**What needs to be done**. Scan the records beneath this line for the line holding "#3158 = DIRECTION" and the line holding "#19816 = CARTESIAN_POINT", then transcribe exactly those two and all lines between.

─── Raw data ───

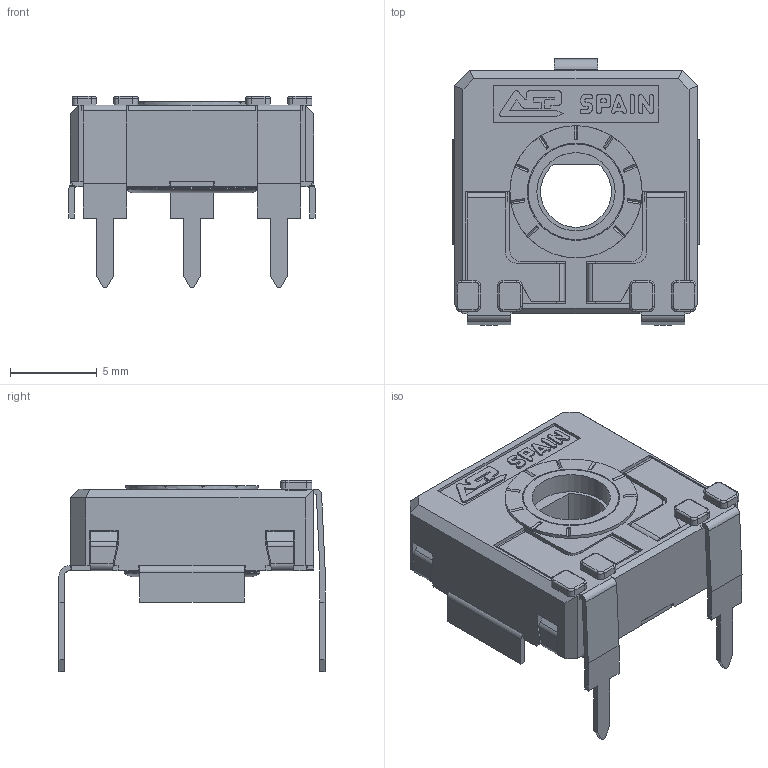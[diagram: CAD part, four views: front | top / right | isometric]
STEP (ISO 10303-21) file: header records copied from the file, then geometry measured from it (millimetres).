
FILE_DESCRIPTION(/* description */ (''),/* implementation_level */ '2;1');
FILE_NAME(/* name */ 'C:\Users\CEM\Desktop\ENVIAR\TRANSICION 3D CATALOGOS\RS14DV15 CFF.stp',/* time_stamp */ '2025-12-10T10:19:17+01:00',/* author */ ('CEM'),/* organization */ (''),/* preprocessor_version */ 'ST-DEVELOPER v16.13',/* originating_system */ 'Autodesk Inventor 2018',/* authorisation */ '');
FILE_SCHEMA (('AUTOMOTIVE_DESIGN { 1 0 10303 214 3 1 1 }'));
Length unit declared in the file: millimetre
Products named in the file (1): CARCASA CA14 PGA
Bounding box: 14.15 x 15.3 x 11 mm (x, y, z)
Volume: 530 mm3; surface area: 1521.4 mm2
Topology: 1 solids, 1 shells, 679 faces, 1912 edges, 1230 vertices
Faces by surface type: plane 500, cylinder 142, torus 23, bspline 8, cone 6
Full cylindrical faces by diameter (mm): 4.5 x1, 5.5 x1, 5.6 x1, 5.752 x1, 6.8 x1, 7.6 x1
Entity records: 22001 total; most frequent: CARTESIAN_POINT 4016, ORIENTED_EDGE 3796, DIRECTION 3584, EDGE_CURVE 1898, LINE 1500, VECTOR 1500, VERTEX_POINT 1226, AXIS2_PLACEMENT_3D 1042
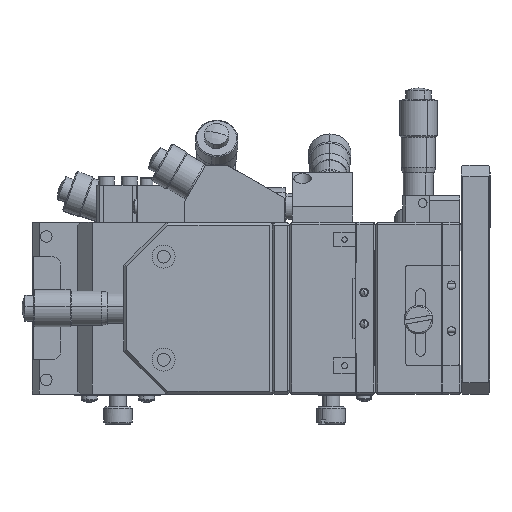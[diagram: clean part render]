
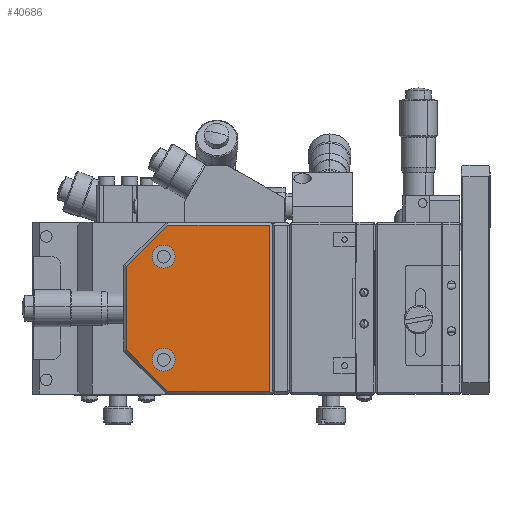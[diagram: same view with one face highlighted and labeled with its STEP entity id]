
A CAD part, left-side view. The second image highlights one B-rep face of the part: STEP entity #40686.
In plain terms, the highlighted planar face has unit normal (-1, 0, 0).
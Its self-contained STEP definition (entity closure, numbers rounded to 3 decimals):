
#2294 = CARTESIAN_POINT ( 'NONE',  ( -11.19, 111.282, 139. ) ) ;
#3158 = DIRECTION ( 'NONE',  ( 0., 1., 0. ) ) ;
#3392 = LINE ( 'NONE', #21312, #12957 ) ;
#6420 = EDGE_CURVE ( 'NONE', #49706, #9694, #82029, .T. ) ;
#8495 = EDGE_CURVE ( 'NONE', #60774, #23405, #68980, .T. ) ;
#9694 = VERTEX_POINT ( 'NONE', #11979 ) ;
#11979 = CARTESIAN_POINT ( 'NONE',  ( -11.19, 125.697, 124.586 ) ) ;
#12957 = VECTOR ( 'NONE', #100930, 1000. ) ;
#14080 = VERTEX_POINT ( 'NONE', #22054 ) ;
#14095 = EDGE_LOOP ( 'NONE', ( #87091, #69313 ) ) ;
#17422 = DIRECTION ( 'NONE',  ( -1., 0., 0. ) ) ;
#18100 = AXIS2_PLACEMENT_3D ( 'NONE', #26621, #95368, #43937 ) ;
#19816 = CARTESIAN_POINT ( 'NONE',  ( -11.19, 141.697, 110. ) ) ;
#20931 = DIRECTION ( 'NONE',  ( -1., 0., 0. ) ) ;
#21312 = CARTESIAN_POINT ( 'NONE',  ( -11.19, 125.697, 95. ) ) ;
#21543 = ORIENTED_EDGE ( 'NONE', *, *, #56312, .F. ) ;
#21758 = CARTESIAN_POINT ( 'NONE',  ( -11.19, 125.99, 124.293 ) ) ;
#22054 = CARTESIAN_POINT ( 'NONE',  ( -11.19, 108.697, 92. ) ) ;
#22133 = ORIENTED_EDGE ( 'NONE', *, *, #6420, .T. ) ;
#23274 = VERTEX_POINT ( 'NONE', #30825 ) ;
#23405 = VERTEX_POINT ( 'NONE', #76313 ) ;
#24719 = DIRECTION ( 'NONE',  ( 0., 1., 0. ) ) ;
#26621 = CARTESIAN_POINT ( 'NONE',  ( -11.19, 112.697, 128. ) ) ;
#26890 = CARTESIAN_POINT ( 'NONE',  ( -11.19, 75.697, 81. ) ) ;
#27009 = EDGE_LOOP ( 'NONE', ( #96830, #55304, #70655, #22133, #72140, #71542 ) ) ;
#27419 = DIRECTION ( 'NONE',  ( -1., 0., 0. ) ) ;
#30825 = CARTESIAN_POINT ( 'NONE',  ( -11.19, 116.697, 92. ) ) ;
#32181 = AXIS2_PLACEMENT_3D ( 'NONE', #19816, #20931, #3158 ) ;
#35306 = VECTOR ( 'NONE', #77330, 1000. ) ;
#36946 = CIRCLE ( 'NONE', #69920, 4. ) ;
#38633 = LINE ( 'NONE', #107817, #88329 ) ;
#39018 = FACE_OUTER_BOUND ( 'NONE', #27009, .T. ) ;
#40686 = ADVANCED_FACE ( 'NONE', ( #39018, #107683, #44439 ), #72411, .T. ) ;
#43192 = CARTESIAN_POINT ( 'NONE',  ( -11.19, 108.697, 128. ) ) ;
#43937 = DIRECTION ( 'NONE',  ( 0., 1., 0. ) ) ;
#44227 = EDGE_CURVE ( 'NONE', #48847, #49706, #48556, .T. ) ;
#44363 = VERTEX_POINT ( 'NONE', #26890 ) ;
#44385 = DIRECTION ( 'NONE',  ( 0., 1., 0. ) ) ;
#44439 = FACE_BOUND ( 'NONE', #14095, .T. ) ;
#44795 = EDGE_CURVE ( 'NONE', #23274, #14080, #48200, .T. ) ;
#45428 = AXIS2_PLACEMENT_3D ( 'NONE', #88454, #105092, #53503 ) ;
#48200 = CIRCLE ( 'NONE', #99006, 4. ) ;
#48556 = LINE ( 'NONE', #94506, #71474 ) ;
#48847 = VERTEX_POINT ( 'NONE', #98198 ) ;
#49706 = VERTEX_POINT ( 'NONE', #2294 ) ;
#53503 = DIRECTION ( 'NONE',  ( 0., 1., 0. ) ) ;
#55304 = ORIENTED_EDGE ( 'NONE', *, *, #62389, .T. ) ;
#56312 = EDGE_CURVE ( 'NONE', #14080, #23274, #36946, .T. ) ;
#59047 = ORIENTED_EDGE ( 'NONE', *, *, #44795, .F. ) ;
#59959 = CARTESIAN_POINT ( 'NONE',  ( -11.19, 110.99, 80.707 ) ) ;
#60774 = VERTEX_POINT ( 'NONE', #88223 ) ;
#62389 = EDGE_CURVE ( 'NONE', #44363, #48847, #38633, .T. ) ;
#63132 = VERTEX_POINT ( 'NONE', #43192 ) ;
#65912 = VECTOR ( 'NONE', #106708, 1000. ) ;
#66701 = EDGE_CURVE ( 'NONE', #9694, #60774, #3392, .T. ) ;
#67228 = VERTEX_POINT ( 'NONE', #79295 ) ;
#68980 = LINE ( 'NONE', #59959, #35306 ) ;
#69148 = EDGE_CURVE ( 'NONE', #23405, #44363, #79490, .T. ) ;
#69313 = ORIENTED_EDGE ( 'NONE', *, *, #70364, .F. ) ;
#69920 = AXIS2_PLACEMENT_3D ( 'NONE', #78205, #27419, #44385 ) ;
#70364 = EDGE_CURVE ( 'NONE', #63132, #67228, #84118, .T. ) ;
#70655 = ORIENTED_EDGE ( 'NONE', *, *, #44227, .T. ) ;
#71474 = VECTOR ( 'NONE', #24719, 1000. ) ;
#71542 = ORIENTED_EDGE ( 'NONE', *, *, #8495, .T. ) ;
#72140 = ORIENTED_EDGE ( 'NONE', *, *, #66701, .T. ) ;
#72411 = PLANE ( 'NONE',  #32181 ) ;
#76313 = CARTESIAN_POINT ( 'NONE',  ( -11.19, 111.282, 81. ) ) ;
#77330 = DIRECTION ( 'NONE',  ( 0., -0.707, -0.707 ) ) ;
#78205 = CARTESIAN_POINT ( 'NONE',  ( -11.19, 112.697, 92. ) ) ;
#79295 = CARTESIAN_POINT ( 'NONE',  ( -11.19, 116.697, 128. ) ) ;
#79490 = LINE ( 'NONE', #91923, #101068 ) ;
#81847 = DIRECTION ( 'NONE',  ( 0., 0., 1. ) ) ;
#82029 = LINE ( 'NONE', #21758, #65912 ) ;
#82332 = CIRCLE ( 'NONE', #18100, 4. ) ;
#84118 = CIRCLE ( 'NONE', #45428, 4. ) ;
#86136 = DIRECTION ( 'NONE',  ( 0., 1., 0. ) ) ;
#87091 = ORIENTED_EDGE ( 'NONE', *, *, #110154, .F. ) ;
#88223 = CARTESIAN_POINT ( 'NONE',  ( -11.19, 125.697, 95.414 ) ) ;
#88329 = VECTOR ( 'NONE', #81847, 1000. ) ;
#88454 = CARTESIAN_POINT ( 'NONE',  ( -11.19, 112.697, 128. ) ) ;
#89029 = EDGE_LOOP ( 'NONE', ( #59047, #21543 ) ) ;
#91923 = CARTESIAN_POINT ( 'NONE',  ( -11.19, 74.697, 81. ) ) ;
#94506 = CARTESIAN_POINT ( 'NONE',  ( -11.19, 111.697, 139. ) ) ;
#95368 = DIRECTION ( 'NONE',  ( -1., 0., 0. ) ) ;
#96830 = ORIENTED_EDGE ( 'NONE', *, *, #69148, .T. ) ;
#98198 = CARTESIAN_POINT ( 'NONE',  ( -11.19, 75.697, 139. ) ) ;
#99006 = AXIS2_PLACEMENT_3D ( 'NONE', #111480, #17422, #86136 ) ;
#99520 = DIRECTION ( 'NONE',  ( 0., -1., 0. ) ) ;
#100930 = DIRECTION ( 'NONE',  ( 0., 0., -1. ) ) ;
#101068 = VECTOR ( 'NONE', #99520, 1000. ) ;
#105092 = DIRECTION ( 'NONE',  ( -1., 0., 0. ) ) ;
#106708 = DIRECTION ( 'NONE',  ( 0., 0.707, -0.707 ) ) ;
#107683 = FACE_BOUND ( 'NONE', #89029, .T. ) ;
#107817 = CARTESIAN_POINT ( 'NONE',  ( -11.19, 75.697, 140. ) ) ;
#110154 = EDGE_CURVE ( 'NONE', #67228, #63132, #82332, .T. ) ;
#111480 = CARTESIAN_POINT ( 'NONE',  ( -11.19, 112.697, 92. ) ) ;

───

**Task solution**.
#3158 = DIRECTION ( 'NONE',  ( 0., 1., 0. ) ) ;
#3392 = LINE ( 'NONE', #21312, #12957 ) ;
#6420 = EDGE_CURVE ( 'NONE', #49706, #9694, #82029, .T. ) ;
#8495 = EDGE_CURVE ( 'NONE', #60774, #23405, #68980, .T. ) ;
#9694 = VERTEX_POINT ( 'NONE', #11979 ) ;
#11979 = CARTESIAN_POINT ( 'NONE',  ( -11.19, 125.697, 124.586 ) ) ;
#12957 = VECTOR ( 'NONE', #100930, 1000. ) ;
#14080 = VERTEX_POINT ( 'NONE', #22054 ) ;
#14095 = EDGE_LOOP ( 'NONE', ( #87091, #69313 ) ) ;
#17422 = DIRECTION ( 'NONE',  ( -1., 0., 0. ) ) ;
#18100 = AXIS2_PLACEMENT_3D ( 'NONE', #26621, #95368, #43937 ) ;
#19816 = CARTESIAN_POINT ( 'NONE',  ( -11.19, 141.697, 110. ) ) ;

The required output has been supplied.